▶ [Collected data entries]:
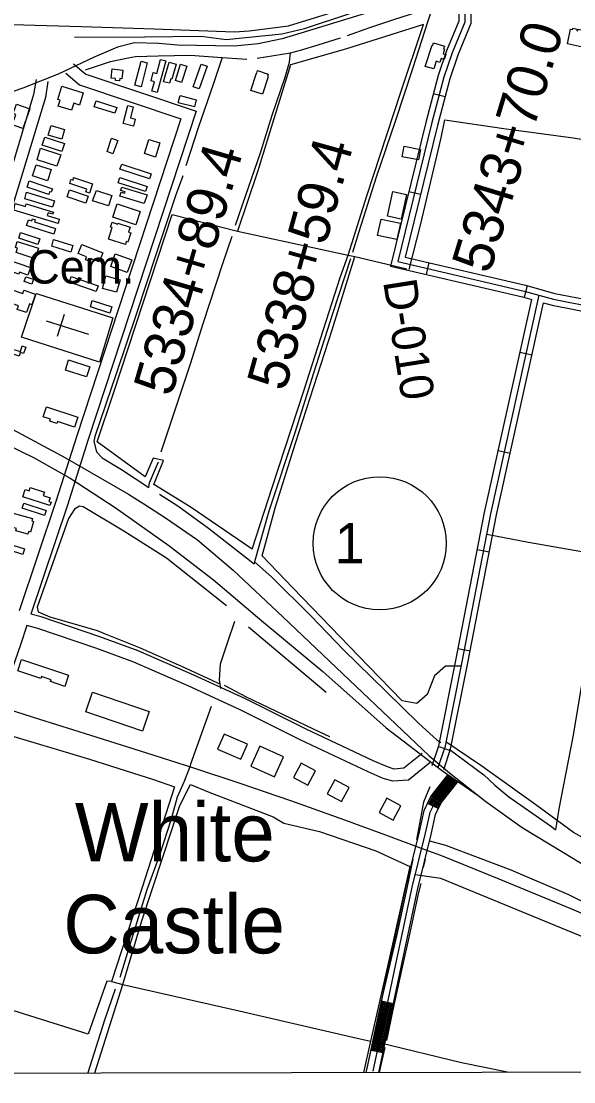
# Model space of a CAD drawing. Extents: x 3324125 to 3362000, y 600753 to 626151.
# Drawn here: x 3340770 to 3342140, y 606134 to 608764 of the extents above; entities that cross this region are included whole.
import ezdxf

# ---------------------------------------------------------------- set-up
doc = ezdxf.new("R2010")
doc.units = 0
for name, color, linetype in [('V-BLDG-OTLN', 7, 'Continuous'), ('V-DTCH-CNTR', 7, 'Continuous'), ('V-GRID-FRAM', 7, 'Continuous'), ('V-LEVE-TOET', 7, 'Continuous'), ('V-RAIL-TRAK', 7, 'Continuous'), ('V-RIVR-RANG-IDEN', 7, 'Continuous'), ('V-ROAD-CNTR', 7, 'Continuous'), ('V-ROAD-IDEN', 7, 'Continuous'), ('V-SITE-OTLN', 7, 'Continuous'), ('V-SITE-OTLN-IDEN', 7, 'Continuous'), ('V-SURV-IDEN', 7, 'Continuous'), ('V-TOPO-GNAM-IDEN', 7, 'Continuous'), ('V-TOPO-SHOR', 7, 'Continuous')]:
    doc.layers.add(name, color=color, linetype=linetype)

msp = doc.modelspace()

# ---------------------------------------------------------------- linework, layer by layer
at = {"layer": 'V-BLDG-OTLN'}
for points in [[(3342124.1, 608707.7), (3342131.5, 608744.4), (3342136.6, 608743.3), (3342137.4, 608746.9), (3342148.2, 608744.5), (3342147.4, 608740.8), (3342149.2, 608740.4), (3342150.1, 608744.6), (3342168.6, 608740.6), (3342163.5, 608717.5), (3342172.5, 608715.6), (3342168.6, 608697.9)], [(3341771.6, 608652.1), (3341788.3, 608705), (3341790.3, 608704.3), (3341792.2, 608710.4), (3341819.1, 608701.8), (3341817, 608695.2), (3341819.5, 608694.4), (3341816, 608683.4), (3341822.3, 608681.4), (3341818.5, 608669.5), (3341810.8, 608672), (3341807.6, 608661.7), (3341798.5, 608664.6), (3341792.7, 608645.6)], [(3341052.2, 608605.6), (3341067.4, 608664.7), (3341082.6, 608660.8), (3341067.4, 608601.5)], [(3341107.5, 608587.1), (3341094.3, 608590.7), (3341100.5, 608614.1), (3341091.9, 608616.3), (3341097.3, 608636.7), (3341106.3, 608634.3), (3341115.6, 608669.5), (3341128.3, 608666.1)], [(3340992.9, 608622.7), (3340995.6, 608645.9), (3341022.2, 608642.8), (3341019.7, 608621.2), (3341014.6, 608621.8), (3341013.9, 608615.9), (3341003.8, 608617.1), (3341004.3, 608621.7)], [(3341122.5, 608613.5), (3341137.1, 608662.5), (3341154.5, 608657.3), (3341143.6, 608620.7), (3341141.2, 608621.4), (3341137.9, 608610.3)], [(3341152.2, 608617.2), (3341165, 608657.2), (3341180.5, 608652.2), (3341167.7, 608612.3)], [(3341231.4, 608652.2), (3341211.3, 608596.3), (3341196.2, 608601.7), (3341216.4, 608657.6)], [(3341338.9, 608592.6), (3341353, 608635.6), (3341354.1, 608635.2), (3341356.1, 608641.5), (3341382.5, 608632.9), (3341380.4, 608626.6), (3341382.3, 608626), (3341368.3, 608583)], [(3340870.9, 608603), (3340923.8, 608586.8), (3340914.4, 608556.2), (3340900.4, 608560.5), (3340895.2, 608543.7), (3340862.1, 608553.8), (3340866.6, 608568.6), (3340860.9, 608570.3)], [(3340743.5, 608508.8), (3340747, 608522.4), (3340752.8, 608520.4), (3340757.1, 608532.8), (3340750.2, 608535.2), (3340758.4, 608558.6), (3340791.3, 608547.1), (3340774.1, 608498.1)], [(3340951.3, 608552.1), (3340955.6, 608566.5), (3341006.9, 608550.3), (3341002.4, 608536)], [(3341159.2, 608561.6), (3341164.3, 608580.2), (3341204.2, 608569.3), (3341199.8, 608551.5)], [(3341022.9, 608510.5), (3341034.3, 608554.8), (3341047.7, 608551.6), (3341041, 608524.1), (3341052.6, 608521.3), (3341048.4, 608504.2)], [(3340837.1, 608481.6), (3340844.2, 608505.7), (3340877.7, 608495.7), (3340870.5, 608471.6)], [(3340828.7, 608476.3), (3340877.4, 608460.8), (3340871.3, 608441.4), (3340822.1, 608457.1)], [(3340994.3, 608474.3), (3341009.9, 608468.4), (3340997.6, 608435.5), (3340983.5, 608440.8)], [(3341114, 608462.3), (3341102.8, 608427.3), (3341075.7, 608436), (3341086.9, 608471)], [(3341714.1, 608428.2), (3341719.2, 608454.2), (3341759.8, 608446.2), (3341754.7, 608420.2)], [(3340818.3, 608449.2), (3340868.1, 608433), (3340858.8, 608404.5), (3340809.4, 608420.6)], [(3340807.3, 608408.1), (3340844.2, 608396.4), (3340835.4, 608368.7), (3340798.6, 608380.4)], [(3341019.8, 608409.6), (3341092.2, 608385.4), (3341088.1, 608373.1), (3341015, 608397.5)], [(3340900.2, 608376.7), (3340946.9, 608360.8), (3340939.1, 608337.9), (3340930.1, 608341), (3340932.5, 608347.8), (3340890.8, 608361.8), (3340893.6, 608371.4), (3340898.8, 608369.9)], [(3341010.3, 608363.6), (3341014.6, 608376.6), (3341082.7, 608354.5), (3341078.5, 608341.5)], [(3340790, 608368.1), (3340847.4, 608348.4), (3340844.5, 608339.8), (3340840.6, 608341.1), (3340838.4, 608334.7), (3340785.1, 608353)], [(3341014.8, 608330.3), (3341017.7, 608340.3), (3341026.9, 608337.5), (3341027.9, 608340.7), (3341016.6, 608344.2), (3341019.3, 608353), (3341082.1, 608333.6), (3341075.3, 608311.7)], [(3340779.3, 608323.9), (3340783.2, 608340.5), (3340852.9, 608319.1), (3340847.9, 608302.8)], [(3340890.2, 608345.7), (3340936.2, 608330.2), (3340930.3, 608312.9), (3340884, 608328.5)], [(3340956.7, 608344.5), (3340994.9, 608332), (3340986.6, 608306.2), (3340947.2, 608319)], [(3341712, 608273.3), (3341677.7, 608280.8), (3341691.1, 608341.8), (3341725.4, 608334.3)], [(3340751.6, 608295.3), (3340755.6, 608312.5), (3340780.9, 608305), (3340782.8, 608311.1), (3340850.4, 608290.9), (3340848.7, 608285.4), (3340836.8, 608288.9), (3340834.8, 608282.2), (3340864.7, 608273.3), (3340861.5, 608262.5)], [(3341008.2, 608311.2), (3341065.3, 608292.2), (3341054.2, 608258.9), (3340996.9, 608278)], [(3340783.6, 608257.5), (3340788, 608271.7), (3340796.5, 608269), (3340798.2, 608274.3), (3340804.7, 608272.2), (3340803, 608266.9), (3340855.4, 608249.9), (3340850.8, 608235.7)], [(3341653.6, 608232.9), (3341662.5, 608273.5), (3341709.9, 608263), (3341701, 608222.5)], [(3340986.5, 608223.8), (3340995.3, 608252.7), (3340991.6, 608253.8), (3340995.4, 608265.5), (3341008.8, 608261.2), (3341009.4, 608263.1), (3341040.4, 608253.1), (3341036.5, 608241.2), (3341041.9, 608239.5), (3341034.5, 608216.3), (3341030.6, 608217.6), (3341028.3, 608210.4)], [(3340760.4, 608218.1), (3340813.3, 608201.2), (3340805, 608175.1), (3340757.5, 608190.3), (3340761.1, 608201.7), (3340756, 608203.4)], [(3340768.7, 608240.4), (3340816.1, 608224.5), (3340811.4, 608210.5), (3340764.4, 608226.3)], [(3340850.5, 608223.2), (3340898.5, 608208), (3340893.2, 608191.2), (3340846.1, 608206.1)], [(3340920.1, 608210.5), (3340972.7, 608189.7), (3340963.8, 608167.2), (3340943.8, 608175.1), (3340941.1, 608168.2), (3340929.5, 608172.8), (3340932.1, 608179.6), (3340911.2, 608187.8)], [(3340733.1, 608174.2), (3340793.3, 608153.5), (3340786.7, 608134.3), (3340765.6, 608141.5), (3340764, 608136.9), (3340721.7, 608151.4), (3340722.3, 608153.1), (3340719.6, 608154.1), (3340723.5, 608165.4), (3340729.2, 608163.5)], [(3341003.3, 608187), (3341044, 608172.8), (3341033, 608141.4), (3340992, 608155.6)], [(3340781.8, 608130.5), (3340800.6, 608124.7), (3340796.8, 608112.5), (3340777.5, 608118.6)], [(3340889.7, 608116.9), (3340894.1, 608130.9), (3340961, 608108), (3340956.2, 608094.1)], [(3340971.5, 608101.7), (3340980.1, 608132.7), (3341015.3, 608122.9), (3341006.7, 608092.2)], [(3340713, 608109.9), (3340773.9, 608089.1), (3340776.7, 608097.2), (3340805.3, 608087.5), (3340796.4, 608061.2), (3340790.4, 608063.3), (3340783.1, 608041.7), (3340760.2, 608049.5), (3340763.2, 608058.4), (3340701.3, 608079.5)], [(3340946.1, 608071.8), (3340995.2, 608055.5), (3340990, 608039.9), (3340942, 608055.8)], [(3340746.4, 607926.5), (3340719.7, 607932.8), (3340723.1, 607947.1), (3340747.9, 607940), (3340750.9, 607950.3), (3340768.1, 607944.9), (3340772.6, 607959.1), (3340781.5, 607956.3), (3340776.3, 607939.9), (3340767.9, 607942.6), (3340765.1, 607933.7), (3340750.1, 607938.4)], [(3340887.7, 607924.2), (3340939.9, 607906.9), (3340931.7, 607882.1), (3340880, 607899.2)], [(3340833, 607807.9), (3340910.3, 607782), (3340902.2, 607757.8), (3340860.4, 607771.8), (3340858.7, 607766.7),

▶ [Task goal]:
Pick out, from the lines above, every one that contains the string "color".

▶ [Solution below]:
for name, color, linetype in [('V-BLDG-OTLN', 7, 'Continuous'), ('V-DTCH-CNTR', 7, 'Continuous'), ('V-GRID-FRAM', 7, 'Continuous'), ('V-LEVE-TOET', 7, 'Continuous'), ('V-RAIL-TRAK', 7, 'Continuous'), ('V-RIVR-RANG-IDEN', 7, 'Continuous'), ('V-ROAD-CNTR', 7, 'Continuous'), ('V-ROAD-IDEN', 7, 'Continuous'), ('V-SITE-OTLN', 7, 'Continuous'), ('V-SITE-OTLN-IDEN', 7, 'Continuous'), ('V-SURV-IDEN', 7, 'Continuous'), ('V-TOPO-GNAM-IDEN', 7, 'Continuous'), ('V-TOPO-SHOR', 7, 'Continuous')]:
    doc.layers.add(name, color=color, linetype=linetype)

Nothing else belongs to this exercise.